APENAS O HESITAR

Nas Olimpíadas de 2005, a russa Yelena Isinbayeva quebra, pela primeira vez – e duas vezes no mesmo dia –, o recorde da modalidade salto com vara para mulheres. No vídeo que registra aquele nada excepcional dia de julho, é possível ver o olhar da atleta mirando atentamente para o obstáculo que está a sua frente, respirando, e tomando sua mais importante decisão: saltar. Isinbayeva corre, apoia a vara e seu corpo se contorce rumo aos 5 metros de altura. O rosto da atleta guarda extrema concentração e aparente serenidade. Quantas vezes ela imaginou, projetou e treinou aqueles movimentos? Quantas outras ela pensou desistir diante das dificuldades, foi habitada por um medo paralisante e hesitou antes de correr?
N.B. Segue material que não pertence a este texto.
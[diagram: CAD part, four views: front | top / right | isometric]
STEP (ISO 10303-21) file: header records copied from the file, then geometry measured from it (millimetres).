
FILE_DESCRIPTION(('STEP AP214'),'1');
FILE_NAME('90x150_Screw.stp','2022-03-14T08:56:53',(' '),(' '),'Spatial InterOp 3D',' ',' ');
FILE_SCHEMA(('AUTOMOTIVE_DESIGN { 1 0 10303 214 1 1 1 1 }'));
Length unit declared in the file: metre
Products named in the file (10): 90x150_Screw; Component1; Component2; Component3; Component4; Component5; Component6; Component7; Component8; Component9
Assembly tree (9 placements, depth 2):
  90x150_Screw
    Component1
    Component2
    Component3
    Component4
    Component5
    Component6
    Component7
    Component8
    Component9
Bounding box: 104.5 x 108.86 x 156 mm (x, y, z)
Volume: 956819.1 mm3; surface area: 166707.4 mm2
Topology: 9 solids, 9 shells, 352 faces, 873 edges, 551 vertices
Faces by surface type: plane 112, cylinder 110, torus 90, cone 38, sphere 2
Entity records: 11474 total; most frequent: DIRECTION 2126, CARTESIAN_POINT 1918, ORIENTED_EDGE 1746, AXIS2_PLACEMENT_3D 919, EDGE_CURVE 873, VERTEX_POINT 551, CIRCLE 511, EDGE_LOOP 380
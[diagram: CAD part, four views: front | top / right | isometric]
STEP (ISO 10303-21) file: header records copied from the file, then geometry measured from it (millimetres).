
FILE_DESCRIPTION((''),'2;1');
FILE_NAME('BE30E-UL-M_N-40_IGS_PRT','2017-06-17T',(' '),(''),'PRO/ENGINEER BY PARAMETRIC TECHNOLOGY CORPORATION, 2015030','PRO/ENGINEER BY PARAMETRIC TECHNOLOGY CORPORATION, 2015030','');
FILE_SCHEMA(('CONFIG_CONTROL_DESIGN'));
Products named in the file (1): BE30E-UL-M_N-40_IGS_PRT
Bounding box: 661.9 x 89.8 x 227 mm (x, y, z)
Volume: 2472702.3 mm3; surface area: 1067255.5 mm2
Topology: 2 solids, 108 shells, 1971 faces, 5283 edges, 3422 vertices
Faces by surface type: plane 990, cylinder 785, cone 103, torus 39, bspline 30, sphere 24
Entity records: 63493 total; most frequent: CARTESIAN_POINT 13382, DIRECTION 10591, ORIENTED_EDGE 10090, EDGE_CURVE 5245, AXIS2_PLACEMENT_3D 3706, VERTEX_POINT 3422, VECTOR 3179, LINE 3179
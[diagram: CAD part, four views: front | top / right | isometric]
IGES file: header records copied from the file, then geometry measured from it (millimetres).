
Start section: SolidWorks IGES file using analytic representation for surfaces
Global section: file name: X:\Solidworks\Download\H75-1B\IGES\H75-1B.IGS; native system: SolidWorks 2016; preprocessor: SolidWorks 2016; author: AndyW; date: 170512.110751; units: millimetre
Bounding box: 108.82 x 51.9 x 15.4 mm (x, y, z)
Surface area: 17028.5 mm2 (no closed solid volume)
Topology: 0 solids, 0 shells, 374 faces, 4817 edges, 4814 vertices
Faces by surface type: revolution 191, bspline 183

Em Apenas o hesitar, a artista Danielle Cukierman nos propõe mirarmos para estes segundos antes da tomada de decisão e habitarmos, de maneira consciente, a suspensão, a incerteza e a irresolução.

Nos trabalhos em pintura contidos na mostra, planos horizontais e verticais constituem caminhos sobre os quais um corpo feminino levita: a figura é representada no exato momento do salto, onde há apenas a incerteza. Dentre massa de tinta e cores complementares, Cukierman faz uma ode às possibilidades infinitas contidas no destino de todos os seres que habitam o planeta:

Não há um só ponto de entrada para o olhar: somos inundados por cores opostas e complementares que reconstroem um imaginário de elementos quase circenses e à infância. Nesta fase da vida, importantes elementos de nossa subjetividade são constituídos e o hesitar – acompanhado por complexas relações de causalidade – é aprendido. Talvez para nós, mulheres, este sentimento marque ainda mais nossa experiência: será que fomos desencorajadas a construir castelos de cartas maiores que nós mesmas ou a desistir de nossa ida ao espaço sideral? O hesitar passa a constituir a base a partir da qual projetamos quem queremos ser. Seria possível subvertê-lo e torná-lo impulso para salto?

A mostra é composta ainda por uma grande instalação de cortinas plásticas, comumente utilizadas em câmaras frias e outros espaços industriais. Ao emitir frequências de onda diferentes, as cores têm funções: podem ser proteção térmica ou física. A cortina de PVC divide o espaço em dois e, ao receber a luz que adentra a sala expositiva, tinge-o: o espectador experimenta seu peso com o próprio corpo. Danielle Cukierman tem uma longa trajetória investigando signos ligados à prevenção de incêndios, às rotas de fuga e a busca por ressignificar materiais industriais e de sinalização urbana em seus trabalhos. Neste contexto, o material plástico parece materializar espacialmente as grossas camadas de tinta presentes nas pinturas, e que servem de metáfora para os múltiplos caminhos que podem ser seguidos.

Em Apenas o hesitar, há uma relação direta com o Realismo Fantástico – ou melhor, com o Realismo Maravilhoso de autores latino-americanos. Segredo, sonho e realidade convivem em um mesmo universo, que se abre à especulação. Apesar de investigar a matéria pré-fabricada, Cukierman é uma artista que tem a ficção como ponto de partida em todos os seus trabalhos. Apenas o hesitar é um convite para estender o tempo de suspensão, colocar o corpo para fora de jogo (quando necessário) e para narrar ficções sobre nós mesmas. O mais importante do salto não é o momento da chegada no solo, mas os momentos nos quais estamos no ar preparando nossa chegada.